Most of all, I write because there is no better way to show the human condition than to observe its many splendors and tragedies, and bring them to the page the best way I know how.”


Well, there you have it. I hope we’ve inspired writers in all stages of their careers, perhaps even reached our readers in some small way. For isn’t that the goal of writing as well? To touch people? To hope that our words have affected at least one person?

Take care, everyone. Have a great rest of your August. And, as always, happy reading! :)


  1. I enjoyed reading all of these comments. What fun! We writers are a different breed unto ourselves; are we not? Great Job putting this together, Marie. Thank you for doing it.

  2. Thanks so much, Marie! A great collection of comments and as diverse are all the authors. :)

  3. What a wonderful and insightful post - thank you so much for letting me be a part of it! Happy Anniversary! :-)

  4. Thanks, Marie! It was fun to read such a wide variety of responses! Appreciate the opportunity to participate.

  5. What a wonderful collection of reasons and insights into writers' minds! I love how many common reasons we all share. Great idea, Marie! :-)

  6. Thanks for letting me be part of this Marie! It's been fun reading everyone's answers. :)

    1. My pleasure, of course! Happy to have you, Dianne!

  7. Props to you for bringing all these answers from such a gathering of wonderful writers, all in one place! Brilliant!

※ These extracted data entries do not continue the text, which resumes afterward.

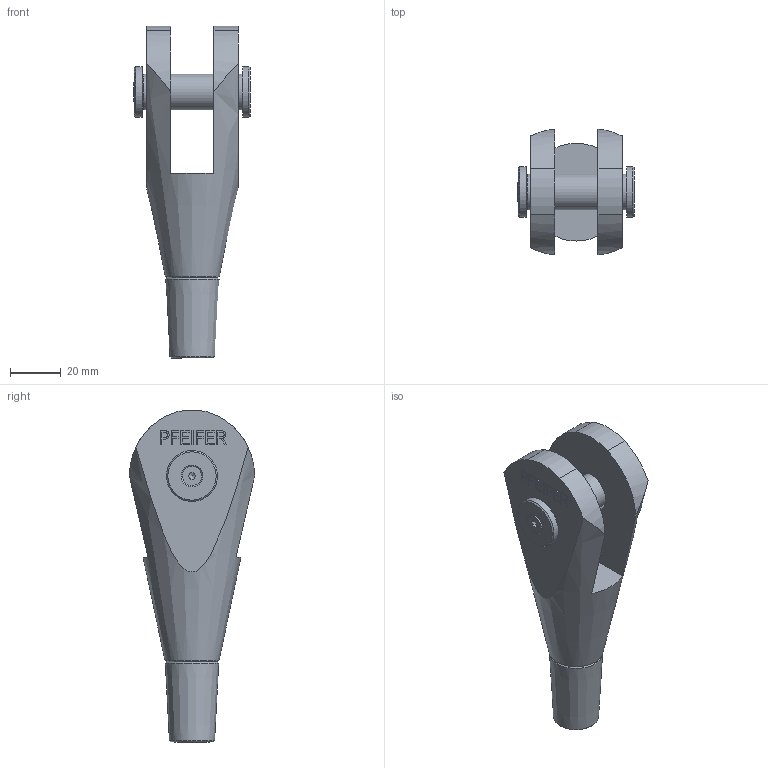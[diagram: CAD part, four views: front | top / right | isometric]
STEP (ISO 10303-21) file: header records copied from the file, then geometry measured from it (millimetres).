
FILE_DESCRIPTION(/* description */ (''),/* implementation_level */ '2;1');
FILE_NAME(/* name */ 'C:\Vault_WS\Designs\520-014-GAK.stp',/* time_stamp */ '2020-06-25T07:44:38+02:00',/* author */ ('schwarz'),/* organization */ (''),/* preprocessor_version */ 'ST-DEVELOPER v16.1',/* originating_system */ 'Autodesk Inventor 2016',/* authorisation */ '');
FILE_SCHEMA (('AUTOMOTIVE_DESIGN { 1 0 10303 214 3 1 1 }'));
Length unit declared in the file: centimetre
Products named in the file (1): 520-014-GAK-KMU-Kunde
Bounding box: 45.78 x 49.18 x 130.42 mm (x, y, z)
Volume: 78612.4 mm3; surface area: 22752.8 mm2
Topology: 2 solids, 3 shells, 186 faces, 482 edges, 319 vertices
Faces by surface type: plane 136, bspline 21, cylinder 16, cone 13
Full cylindrical faces by diameter (mm): 3.242 x1, 4 x1, 4.5 x1, 7.53 x1, 14 x1, 14.8 x1, 16 x2, 20 x2
Entity records: 5760 total; most frequent: CARTESIAN_POINT 1264, ORIENTED_EDGE 900, DIRECTION 768, EDGE_CURVE 450, LINE 348, VECTOR 348, VERTEX_POINT 310, EDGE_LOOP 230
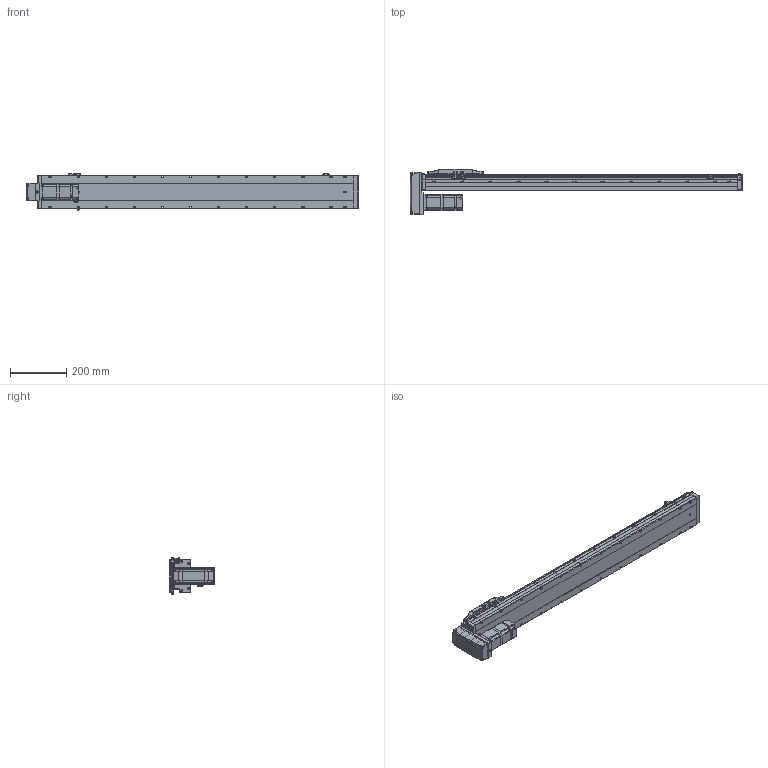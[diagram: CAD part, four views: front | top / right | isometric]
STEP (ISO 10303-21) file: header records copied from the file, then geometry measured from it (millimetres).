
FILE_DESCRIPTION (( 'STEP AP214' ), '1' );
FILE_NAME ('CTH12-L10-S900-BM-C40（简）.STEP', '2023-02-04T06:45:16', ( '' ), ( '' ), 'SwSTEP 2.0', 'SolidWorks 2018', '' );
FILE_SCHEMA (( 'AUTOMOTIVE_DESIGN' ));
Length unit declared in the file: millimetre
Products named in the file (25): 内六角圆柱头螺钉M5装饰螺钉; 内六角圆柱头螺钉M3; 内六角圆柱头螺钉M3-1; hex nuts, style 1-grades ab gb_GB_FASTENER_NUT_SNAB1 M3-N; CTH12賑怢ㄗ潠ㄘ; CTH12-BL_body_4; CTH12底座-L1111简（900行程）; CTH12-L10-S900-BM-C40（简）; BM-C40; CTH12_body_3; CTH400W假蚾啣; CTH12覜茼え; PM-Y45; 湮賑怢  裔赽-1(CTH12)賑怢; CTH12-BM-02; CTH8耜蚾蟀諉啣ㄗ潠ㄘ; AC60_Valor predeterminado; 内六角圆柱头螺钉M3-2; 蚐郲; CTH12賑怢郪磁; CTH12; 嫖萇羲壽郪磁2; CTH嫖萇羲壽假蚾啣; 嫖萇羲壽郪磁1; CTH400W垫板（3个厚）
Assembly tree (45 placements, depth 4):
  CTH12-L10-S900-BM-C40（简）
    CTH12底座-L1111简（900行程）
    蚐郲  x2
    CTH12_body_3
    CTH12-BL_body_4
    CTH12賑怢郪磁
      CTH12
        湮賑怢  裔赽-1(CTH12)賑怢
        CTH12賑怢ㄗ潠ㄘ
    CTH12覜茼え
    嫖萇羲壽郪磁1  x2
      CTH嫖萇羲壽假蚾啣
      PM-Y45
      内六角圆柱头螺钉M3-2
      内六角圆柱头螺钉M3-1
      hex nuts, style 1-grades ab gb_GB_FASTENER_NUT_SNAB1 M3-N
    嫖萇羲壽郪磁2
      CTH嫖萇羲壽假蚾啣
      PM-Y45
      内六角圆柱头螺钉M3-1  x2
      内六角圆柱头螺钉M3-2  x2
      hex nuts, style 1-grades ab gb_GB_FASTENER_NUT_SNAB1 M3-N  x2
    BM-C40
      CTH12-BM-02
      CTH8耜蚾蟀諉啣ㄗ潠ㄘ
    CTH400W垫板（3个厚）
    AC60_Valor predeterminado
    内六角圆柱头螺钉M3  x6
    内六角圆柱头螺钉M5装饰螺钉  x4
    CTH400W假蚾啣
Bounding box: 1181.5 x 162.5 x 131.52 mm (x, y, z)
Volume: 7954754.1 mm3; surface area: 726245.2 mm2
Topology: 47 solids, 48 shells, 2913 faces, 7387 edges, 4693 vertices
Faces by surface type: plane 1550, cylinder 856, cone 339, bspline 116, torus 52
Entity records: 81177 total; most frequent: CARTESIAN_POINT 19541, ORIENTED_EDGE 11954, DIRECTION 11878, EDGE_CURVE 5977, AXIS2_PLACEMENT_3D 4051, VERTEX_POINT 3797, LINE 3776, VECTOR 3776
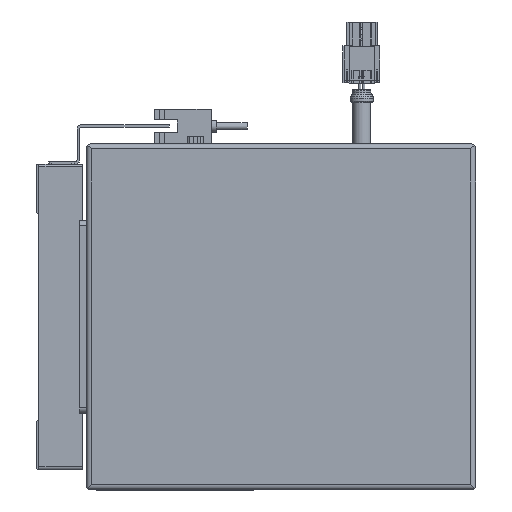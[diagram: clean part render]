
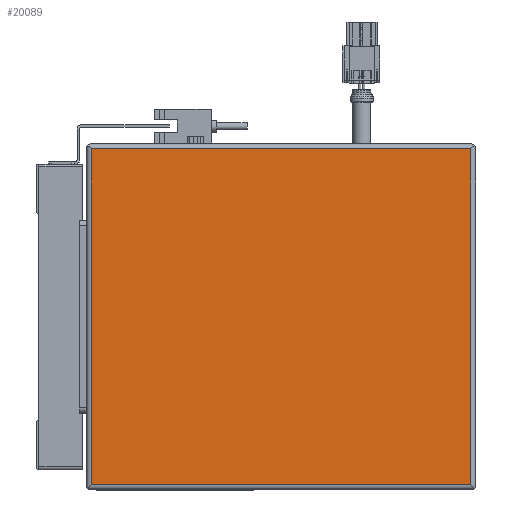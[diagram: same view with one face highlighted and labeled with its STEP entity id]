
A CAD part, left-side view. The second image highlights one B-rep face of the part: STEP entity #20089.
In plain terms, the highlighted planar face has unit normal (-1, 0, 0).
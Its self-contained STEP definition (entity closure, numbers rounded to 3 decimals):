
#4767=ORIENTED_EDGE('',*,*,#8505,.T.);
#4768=ORIENTED_EDGE('',*,*,#8506,.F.);
#4769=ORIENTED_EDGE('',*,*,#8507,.F.);
#4770=ORIENTED_EDGE('',*,*,#8508,.T.);
#8505=EDGE_CURVE('',#10718,#10719,#12847,.T.);
#8506=EDGE_CURVE('',#10720,#10719,#12848,.T.);
#8507=EDGE_CURVE('',#10721,#10720,#12849,.T.);
#8508=EDGE_CURVE('',#10721,#10718,#12850,.T.);
#10718=VERTEX_POINT('',#32069);
#10719=VERTEX_POINT('',#32070);
#10720=VERTEX_POINT('',#32072);
#10721=VERTEX_POINT('',#32074);
#12847=LINE('',#32068,#14952);
#12848=LINE('',#32071,#14953);
#12849=LINE('',#32073,#14954);
#12850=LINE('',#32075,#14955);
#14952=VECTOR('',#26114,1000.);
#14953=VECTOR('',#26115,1000.);
#14954=VECTOR('',#26116,1000.);
#14955=VECTOR('',#26117,1000.);
#16528=EDGE_LOOP('',(#4767,#4768,#4769,#4770));
#17997=FACE_BOUND('',#16528,.T.);
#19097=PLANE('',#21716);
#20089=ADVANCED_FACE('',(#17997),#19097,.F.);
#21716=AXIS2_PLACEMENT_3D('',#32067,#26112,#26113);
#26112=DIRECTION('',(1.,0.,0.));
#26113=DIRECTION('',(0.,0.,-1.));
#26114=DIRECTION('',(0.,-1.,0.));
#26115=DIRECTION('',(0.,0.,-1.));
#26116=DIRECTION('',(0.,-1.,0.));
#26117=DIRECTION('',(0.,0.,-1.));
#32067=CARTESIAN_POINT('',(-52.,2.,65.5));
#32068=CARTESIAN_POINT('',(-52.,152.,-65.5));
#32069=CARTESIAN_POINT('',(-52.,150.,-65.5));
#32070=CARTESIAN_POINT('',(-52.,2.,-65.5));
#32071=CARTESIAN_POINT('',(-52.,2.,67.5));
#32072=CARTESIAN_POINT('',(-52.,2.,65.5));
#32073=CARTESIAN_POINT('',(-52.,152.,65.5));
#32074=CARTESIAN_POINT('',(-52.,150.,65.5));
#32075=CARTESIAN_POINT('',(-52.,150.,67.5));
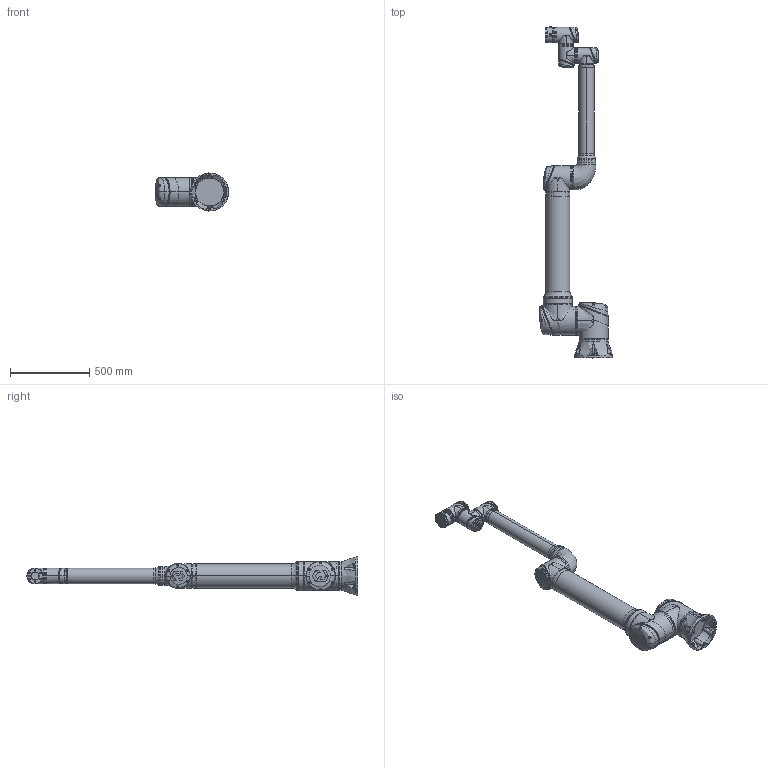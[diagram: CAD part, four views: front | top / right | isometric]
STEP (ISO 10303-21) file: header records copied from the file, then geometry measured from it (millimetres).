
FILE_DESCRIPTION (( 'STEP AP203' ), '1' );
FILE_NAME ('CS_掛极CS620F_V1.2.STEP', '2026-03-12T09:43:48', ( '' ), ( '' ), 'SwSTEP 2.0', 'SolidWorks 2017', '' );
FILE_SCHEMA (( 'CONFIG_CONTROL_DESIGN' ));
Length unit declared in the file: millimetre
Products named in the file (8): CS620F-J2_Link1_J3; CS_掛极CS620F_V1.2; C20藺傷楊擘郪璃; CS620F-J5; CS620F-Base; CS620F-Link2A_Link2B_J4; CS620F-J6; CS620F-J1
Assembly tree (7 placements, depth 2):
  CS_掛极CS620F_V1.2
    CS620F-Base
    CS620F-J1
    CS620F-J2_Link1_J3
    CS620F-Link2A_Link2B_J4
    CS620F-J5
    CS620F-J6
    C20藺傷楊擘郪璃
Bounding box: 460.8 x 2092 x 239.8 mm (x, y, z)
Volume: 12338641.3 mm3; surface area: 1977086.8 mm2
Topology: 44 solids, 100 shells, 5786 faces, 13754 edges, 8188 vertices
Faces by surface type: bspline 2669, plane 1413, cylinder 1082, cone 369, torus 137, sphere 116
Full cylindrical faces by diameter (mm): 12 x2
Entity records: 322258 total; most frequent: CARTESIAN_POINT 210010, ORIENTED_EDGE 26988, DIRECTION 17926, EDGE_CURVE 13496, VERTEX_POINT 8172, AXIS2_PLACEMENT_3D 7458, EDGE_LOOP 6134, ADVANCED_FACE 5786
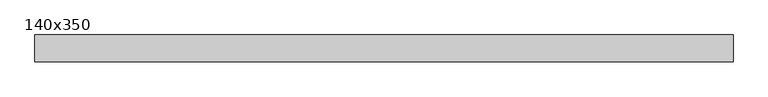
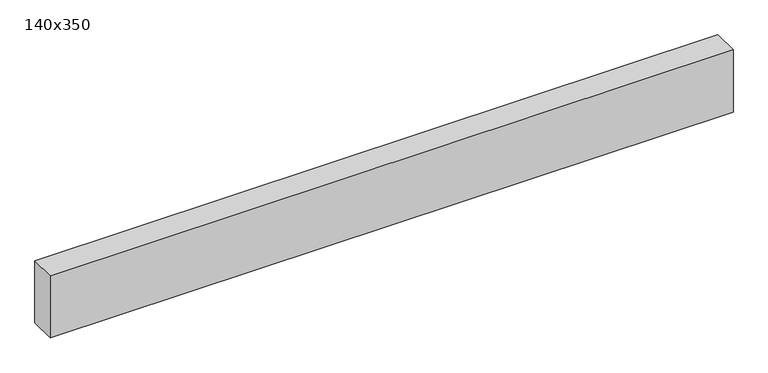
"""IFC4 building model written with IfcOpenShell, lengths in millimetres: beam geometry, Bjelke Limtre Stiplet : 140x350."""

from ifc_helpers import new_model, si_unit, frame, origin, place, context, project, spatial, polyline, outline, extrude, source, transform, mapped, element, save


def beam_140x350_a3bab070(model_context):
    return source(origin(), model_context, "Body", "SweptSolid", [
        extrude(outline(polyline([(1815.1852007, 70.0), (1815.1852007, -70.0), (-1826.7808434, -70.0), (-1826.7808434, 70.0), (1815.1852007, 70.0)])), frame((0.0, 0.0, -301.0), z_axis=(0.0, 0.0, 1.0), x_axis=(1.0, 0.0, 0.0)), (0.0, 0.0, 1.0), 350.0),
    ])


if __name__ == "__main__":
    model = new_model("IFC4")
    model_context = context("Model", 3, world=origin())
    ifc_project = project(units=[si_unit("LENGTHUNIT", "METRE", prefix="MILLI")], contexts=[model_context])
    site = spatial("IfcSite", under=ifc_project)
    building = spatial("IfcBuilding", under=site)
    placement = place(None, origin())
    beam_140x350_shape = beam_140x350_a3bab070(model_context)
    element("IfcBeam", 1, ObjectType="Bjelke Limtre Stiplet : 140x350", at=placement, inside=building, context=model_context, shape_type="MappedRepresentation", body=[
        mapped(beam_140x350_shape, transform((0.0, 0.0, 0.0), x_axis=(1.0, 0.0, 0.0), y_axis=(0.0, 1.0, 0.0), z_axis=(0.0, 0.0, 1.0))),
    ])
    save(model, "model.ifc")
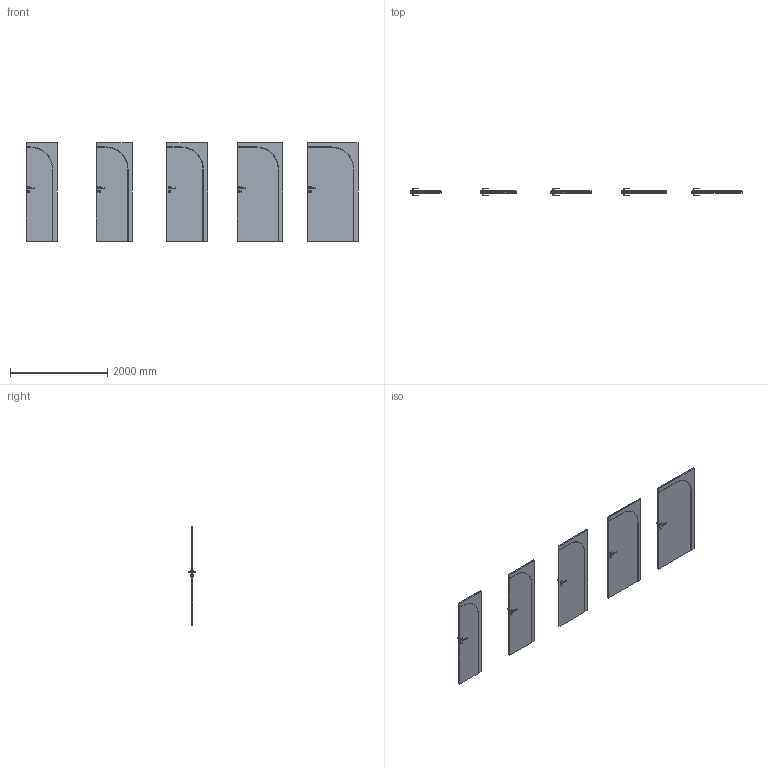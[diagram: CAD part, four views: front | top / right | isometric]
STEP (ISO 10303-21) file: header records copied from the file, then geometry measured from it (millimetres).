
FILE_DESCRIPTION(/* description */ (''),/* implementation_level */ '2;1');
FILE_NAME(/* name */ '049914_A_4-Skrzydło ART DECO model 6_ polska norma _PN__ odwrotna przylga.stp',/* time_stamp */ '2024-09-16T12:21:06+02:00',/* author */ (''),/* organization */ (''),/* preprocessor_version */ 'ST-DEVELOPER v16',/* originating_system */ 'SIEMENS PLM Software NX 11.0',/* authorisation */ '');
FILE_SCHEMA (('AUTOMOTIVE_DESIGN { 1 0 10303 214 3 1 1 1 }'));
Length unit declared in the file: millimetre
Products named in the file (1): msmo2660026Awbi0
Bounding box: 6839 x 153.13 x 2027 mm (x, y, z)
Volume: 331666552.7 mm3; surface area: 18422861.9 mm2
Topology: 25 solids, 25 shells, 1090 faces, 2600 edges, 1460 vertices
Faces by surface type: plane 430, cylinder 300, bspline 160, sphere 140, torus 40, cone 20
Entity records: 35879 total; most frequent: CARTESIAN_POINT 12031, ORIENTED_EDGE 4920, DIRECTION 4862, EDGE_CURVE 2460, AXIS2_PLACEMENT_3D 1771, VERTEX_POINT 1460, LINE 1320, VECTOR 1320
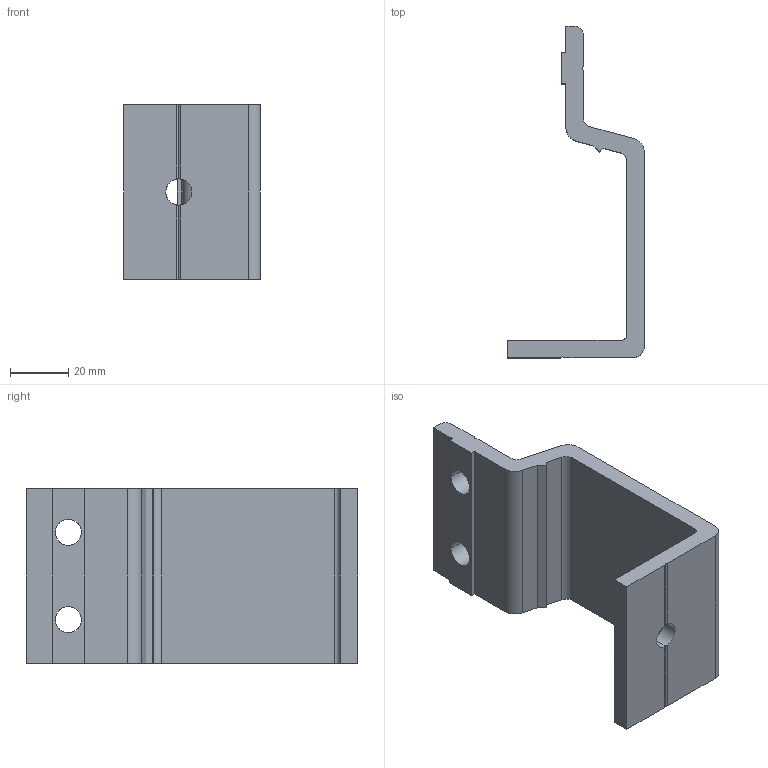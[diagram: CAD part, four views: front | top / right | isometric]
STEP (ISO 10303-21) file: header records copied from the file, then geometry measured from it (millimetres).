
FILE_DESCRIPTION (( 'STEP AP214' ), '1' );
FILE_NAME ('FAHBS 60.step', '2017-04-05T07:55:16', ( '' ), ( '' ), 'SwSTEP 2.0', 'SolidWorks 2015', '' );
FILE_SCHEMA (( 'AUTOMOTIVE_DESIGN' ));
Length unit declared in the file: millimetre
Products named in the file (1): FAHBS 60
Bounding box: 47 x 114 x 60 mm (x, y, z)
Volume: 60889.7 mm3; surface area: 23367.9 mm2
Topology: 1 solids, 1 shells, 44 faces, 133 edges, 88 vertices
Faces by surface type: plane 31, cylinder 13
Entity records: 1537 total; most frequent: CARTESIAN_POINT 302, ORIENTED_EDGE 266, DIRECTION 241, EDGE_CURVE 133, LINE 91, VECTOR 91, VERTEX_POINT 88, AXIS2_PLACEMENT_3D 75

  8. Thank you so much for letting me be a part of this. Until next time! Hugs! Isobelle xx

  9. Fantastic, Marie! Thank you for letting me contribute!

  10. Thanks Marie. It had to have been a lot of time and effort, but thank you from all of us! How Fun!

  11. What a joy to read. Thanks Marie.

  12. All of these comments were great! Marie, thanks for all you do for us!

  13. Great blog thank you. Such interesting and varied responses :-)

    1. Thanks for stopping by, Kasper, and for your kind comments!

  14. Hi, Marie!
    I loved reading all the responses and put a few links in storage for when I'm finished with the books I'm in the middle of reading now.
    When's your next project? What's your next project?
    Count me in!


  15. Wow, this is amazing, Marie! So comprehensive. Thanks for gathering these all together!

  16. Oops, I was left out, Marie. Thanks for all the great Authors, each was a joy to read.